• PROBLEM STATEMENT:
Filter the data below for the string "IfcSIUnit" and copy each matching line.

(EXERCISE DATA Opens)

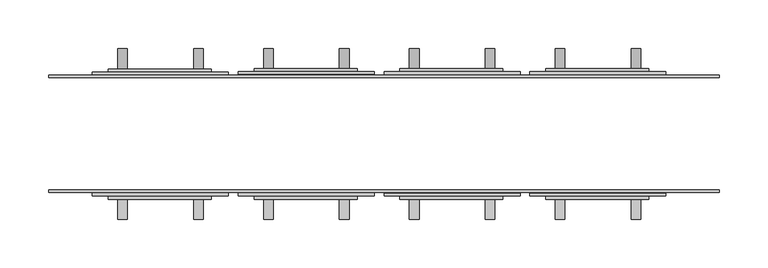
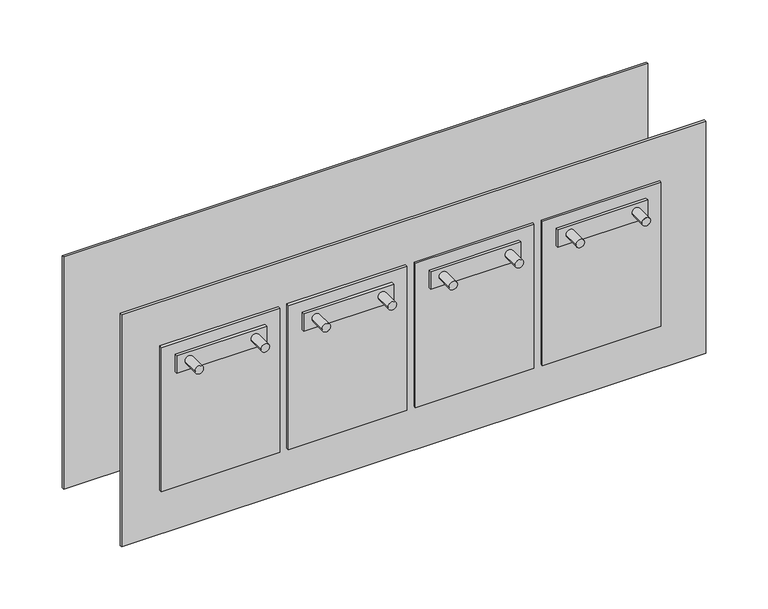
"""IFC4 building model written with IfcOpenShell, lengths in millimetres: proxy geometry, Distribution_Sockets : Distribution_Sockets."""

import ifcopenshell
import ifcopenshell.guid

model = None  # the IFC model being written
_history = None  # IfcOwnerHistory: only IFC2X3 demands one
_inside = {}  # id of a spatial element -> (the spatial element, [elements in it])
_under = {}  # id of a project, library or spatial element -> (it, [spatial elements below it])
_declared = {}  # id of a project -> (the project, [libraries it declares])
_typed = {}  # id of a type object -> (the type object, [elements of that type])
_made_of = {}  # id of a material, layer set ... -> (it, [elements and type objects made of it])


def new_model(schema):
    """Start an empty IFC model of exactly this schema.

    Asked for "IFC4X3", IfcOpenShell would pick the latest addendum, in which some entities
    have other attributes; the version numbers below select the first issue.
    IFC2X3 requires an IfcOwnerHistory on every rooted entity: one is made here for all.
    """
    global model, _history
    if schema == "IFC4X3":
        model = ifcopenshell.file(schema_version=(4, 3, 0, 0))
    else:
        model = ifcopenshell.file(schema=schema)
    _inside.clear()
    _under.clear()
    _declared.clear()
    _typed.clear()
    _made_of.clear()
    _history = None
    if model.schema == "IFC2X3":
        org = make("IfcOrganization", Name="unknown")
        user = make(
            "IfcPersonAndOrganization",
            ThePerson=make("IfcPerson", FamilyName="unknown"),
            TheOrganization=org,
        )
        app = make(
            "IfcApplication",
            ApplicationDeveloper=org,
            Version="unknown",
            ApplicationFullName="unknown",
            ApplicationIdentifier="unknown",
        )
        _history = make(
            "IfcOwnerHistory",
            OwningUser=user,
            OwningApplication=app,
            ChangeAction="ADDED",
            CreationDate=0,
        )
    return model


def make(cls, **values):
    """One entity of the class cls with the attributes given. An attribute that is None is left unset."""
    return model.create_entity(
        cls, **{name: value for name, value in values.items() if value is not None}
    )


def rooted(cls, **values):
    """An entity with a GlobalId (a new one), such as an element, a storey or a relation."""
    return make(cls, GlobalId=ifcopenshell.guid.new(), OwnerHistory=_history, **values)


def si_unit(unit_type, name, prefix=None):
    """IfcSIUnit, for example si_unit("LENGTHUNIT", "METRE", prefix="MILLI")."""
    return make("IfcSIUnit", UnitType=unit_type, Prefix=prefix, Name=name)


def assignment(units):
    """IfcUnitAssignment: the units of a project."""
    return None if units is None else make("IfcUnitAssignment", Units=units)


def point(xyz):
    """IfcCartesianPoint."""
    return None if xyz is None else make("IfcCartesianPoint", Coordinates=xyz)


def direction(xyz):
    """IfcDirection."""
    return None if xyz is None else make("IfcDirection", DirectionRatios=xyz)


def frame(location, z_axis=None, x_axis=None):
    """IfcAxis2Placement3D, a coordinate frame: its origin and axes. An axis left out is left unset."""
    return make(
        "IfcAxis2Placement3D",
        Location=point(location),
        Axis=direction(z_axis),
        RefDirection=direction(x_axis),
    )


def frame_2d(location, x_axis=None):
    """IfcAxis2Placement2D, a coordinate frame in the plane: its origin and x axis."""
    return make(
        "IfcAxis2Placement2D", Location=point(location), RefDirection=direction(x_axis)
    )


def origin():
    """The frame at (0, 0, 0) with its axes left unset."""
    return frame((0.0, 0.0, 0.0))


def place(relative_to, where):
    """IfcLocalPlacement: puts the frame where relative to a parent placement (None: the world)."""
    return make(
        "IfcLocalPlacement", PlacementRelTo=relative_to, RelativePlacement=where
    )


def context(
    kind, dimensions, precision=None, world=None, true_north=None, identifier=None
):
    """IfcGeometricRepresentationContext, for example the 3D "Model" context."""
    return make(
        "IfcGeometricRepresentationContext",
        ContextIdentifier=identifier,
        ContextType=kind,
        CoordinateSpaceDimension=dimensions,
        Precision=precision,
        WorldCoordinateSystem=world,
        TrueNorth=true_north,
    )


def project(units=None, contexts=None):
    """IfcProject with its units and contexts."""
    return rooted(
        "IfcProject",
        Name="project",
        RepresentationContexts=contexts,
        UnitsInContext=assignment(units),
    )


def spatial(cls, under=None, at=None, **own):
    """A site, building, storey or space (cls), placed at a placement, below another one or the project."""
    s = rooted(cls, ObjectPlacement=at, **own)
    if under is not None:
        _under.setdefault(under.id(), (under, []))[1].append(s)
    return s


def polyline(points):
    """IfcPolyline through the points."""
    return make("IfcPolyline", Points=[point(p) for p in points])


def circle_curve(where, radius):
    """IfcCircle in the frame where."""
    return make("IfcCircle", Position=where, Radius=radius)


def trimmed(basis, trim1, trim2, sense, master):
    """IfcTrimmedCurve: the piece of a basis curve between two trims."""
    return make(
        "IfcTrimmedCurve",
        BasisCurve=basis,
        Trim1=trim1,
        Trim2=trim2,
        SenseAgreement=sense,
        MasterRepresentation=master,
    )


def segment(curve, same_sense, transition):
    """IfcCompositeCurveSegment."""
    return make(
        "IfcCompositeCurveSegment",
        Transition=transition,
        SameSense=same_sense,
        ParentCurve=curve,
    )


def composite_curve(segments, self_intersect=None):
    """IfcCompositeCurve: segments joined end to end."""
    return make("IfcCompositeCurve", Segments=segments, SelfIntersect=self_intersect)


def outline(outer, holes=None, kind="AREA"):
    """IfcArbitraryClosedProfileDef: a profile drawn as a closed curve; with holes, ...WithVoids."""
    if holes is None:
        return make("IfcArbitraryClosedProfileDef", ProfileType=kind, OuterCurve=outer)
    return make(
        "IfcArbitraryProfileDefWithVoids",
        ProfileType=kind,
        OuterCurve=outer,
        InnerCurves=holes,
    )


def extrude(swept, where, along, depth):
    """IfcExtrudedAreaSolid: the profile swept, set in the frame where, extruded along a direction by depth."""
    return make(
        "IfcExtrudedAreaSolid",
        SweptArea=swept,
        Position=where,
        ExtrudedDirection=direction(along),
        Depth=depth,
    )


def shape(context_of_items, identifier, shape_type, items):
    """IfcShapeRepresentation: the items that make up one representation, for example the "Body"."""
    return make(
        "IfcShapeRepresentation",
        ContextOfItems=context_of_items,
        RepresentationIdentifier=identifier,
        RepresentationType=shape_type,
        Items=items,
    )


def source(mapping_origin, context_of_items, identifier, shape_type, items):
    """IfcRepresentationMap: a shape defined once, which mapped items show again and again."""
    return make(
        "IfcRepresentationMap",
        MappingOrigin=mapping_origin,
        MappedRepresentation=shape(context_of_items, identifier, shape_type, items),
    )


def transform(
    local_origin,
    x_axis=None,
    y_axis=None,
    z_axis=None,
    scale=None,
    scale2=None,
    scale3=None,
    uniform=True,
):
    """IfcCartesianTransformationOperator3D, or its non-uniform kind. x_axis, y_axis, z_axis: its Axis1, 2, 3."""
    if uniform:
        return make(
            "IfcCartesianTransformationOperator3D",
            Axis1=direction(x_axis),
            Axis2=direction(y_axis),
            LocalOrigin=point(local_origin),
            Scale=scale,
            Axis3=direction(z_axis),
        )
    return make(
        "IfcCartesianTransformationOperator3DnonUniform",
        Axis1=direction(x_axis),
        Axis2=direction(y_axis),
        LocalOrigin=point(local_origin),
        Scale=scale,
        Axis3=direction(z_axis),
        Scale2=scale2,
        Scale3=scale3,
    )


def mapped(mapping_source, mapping_target):
    """IfcMappedItem: shows the shape of a source again, moved by a transform."""
    return make(
        "IfcMappedItem", MappingSource=mapping_source, MappingTarget=mapping_target
    )


def made_of(thing, what):
    """Note that an element or type object is made of a material, layer set ...; save() writes the relation."""
    if what is not None:
        _made_of.setdefault(what.id(), (what, []))[1].append(thing)
    return thing


def element(
    cls,
    number,
    at=None,
    inside=None,
    cuts=None,
    type_object=None,
    material=None,
    context=None,
    identifier="Body",
    shape_type=None,
    held_by="IfcProductDefinitionShape",
    body=None,
    shapes=None,
    **own,
):
    """One element of the class cls, such as IfcWall. Its Tag is "e" and its number.

    at: its placement. inside: the storey or other place that contains it. cuts: it is an
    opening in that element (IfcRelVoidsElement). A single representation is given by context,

(EXERCISE DATA Closes)

• SOLUTION:
    """IfcSIUnit, for example si_unit("LENGTHUNIT", "METRE", prefix="MILLI")."""
    return make("IfcSIUnit", UnitType=unit_type, Prefix=prefix, Name=name)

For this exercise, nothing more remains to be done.